In case you have some of your own and hadn't realized this yet, children cost money. Don't get me wrong- I have nothing against raising children with love and hardly any money. In fact, I work very hard to ensure my children have a lack of entitlement. Here are some thoughts on children and money.
Whenever you make a decision regarding your children and your money, you should think about whether you are actually helping your children with your money. Even if it's just a Happy Meal or new shirt, what benefits does this have for your children? If you really think about it, you may find some of your decisions aren't really helping your children at all. Instead you are hurting not only them, but yourself because your children come to expect a certain "standard of living". If you buy them lunch every Tuesday, they will expect you to buy them lunch every Tuesday. If you buy them new clothes every time you get paid, they will expect new clothes every time you get paid. If you give them $20 a week to go have fun, they'll expect $20 a week.
What message are you sending to your children about money? Is money something you can simply ask for and receive, or is money something you have to work for? What is money really good for?
I don't think any age is too early to talk to children about money (or any subject, for that matter). I talk to my two-year-old about different types of money (green paper money, checks, and debit card are all different forms of money we use for different things). I talk to my three-year-old as I'm paying the bills. I explain that we have to pay to have our house warm, we pay for our lights to go on, etc.
I really don't understand the connection between ignorance about money and innocence. I mean, sure, don't go telling your preschooler, "Well, Sweetie, we're twenty thousand in the hole, and that's why Daddy can't buy you a new scooter." But if my three-year-old ever asks for something at the store, a habit she's just starting to get into, I explain to her that either the item she wants costs more money than what we were planning to spend, or that the item is simply not on our list, and we only buy things that are on the list.
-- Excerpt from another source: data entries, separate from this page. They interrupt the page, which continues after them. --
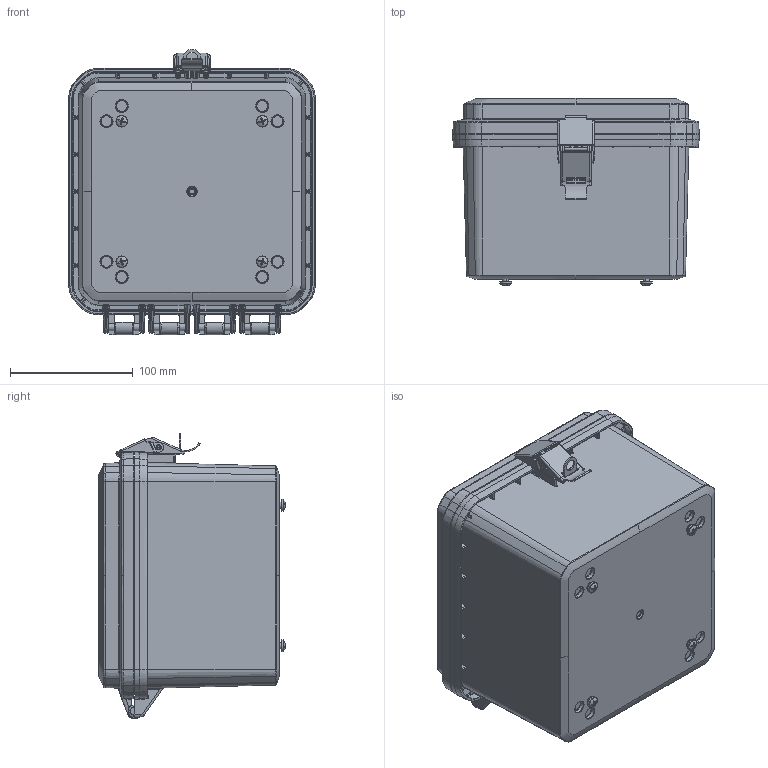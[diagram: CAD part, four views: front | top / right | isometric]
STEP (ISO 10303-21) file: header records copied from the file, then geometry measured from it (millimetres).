
FILE_DESCRIPTION (( 'STEP AP214' ), '1' );
FILE_NAME ('HP-070705-13.STEP', '2025-02-12T11:37:18', ( '' ), ( '' ), 'SwSTEP 2.0', 'SolidWorks 2024', '' );
FILE_SCHEMA (( 'AUTOMOTIVE_DESIGN' ));
Length unit declared in the file: inch
Products named in the file (15): HP-0707G; ZH-01L2; SCREWS-049_SCREWS-049; LABEL-105; ZH-01L4; HP-07071C_HP-07071C-00; ZH-01L; ZH-01L5; HP-0707xBI_HP-07074BI-00; ZH-01L1; INSERTS-4; HP-07071CG_HP-07071CG-00; HP-0707xB_HP-07074B-00; ZH-01L3; HP-070705-13
Assembly tree (20 placements, depth 3):
  HP-070705-13
    HP-0707xBI_HP-07074BI-00
      HP-0707xB_HP-07074B-00
      LABEL-105
      INSERTS-4  x4
    HP-07071CG_HP-07071CG-00
      HP-07071C_HP-07071C-00
      HP-0707G
    ZH-01L
      ZH-01L1
      ZH-01L2
      ZH-01L3
      ZH-01L4
      ZH-01L5
    SCREWS-049_SCREWS-049  x4
Bounding box: 200.41 x 151.97 x 232.37 mm (x, y, z)
Volume: 671993 mm3; surface area: 433093.5 mm2
Topology: 17 solids, 17 shells, 4565 faces, 10890 edges, 6308 vertices
Faces by surface type: bspline 1567, cylinder 1077, plane 963, torus 494, cone 296, sphere 168
Entity records: 177945 total; most frequent: CARTESIAN_POINT 92880, ORIENTED_EDGE 19954, DIRECTION 15235, EDGE_CURVE 9977, AXIS2_PLACEMENT_3D 6256, VERTEX_POINT 5765, EDGE_LOOP 4318, FACE_OUTER_BOUND 4256

While I don't advocate telling your preschooler your entire money picture, it's perfectly ok to tell him no. In fact, by telling him no to an item at the store, for example, you're enforcing the idea that things have a monetary value and money doesn't just fall from the sky.
In order for this plan to work, however, you need to get rid of your own Gimmie Gimmies. A mature, responsible adult realizes he or she must save their money toward something they want, no matter how much he or she wants it. Seperate wants from needs. Consider the language you use in everyday speech. Do you need new Christmas ornaments, or do you just really want some? Do you need to buy milk? Probably. But do you need to buy soda, even if it's on sale?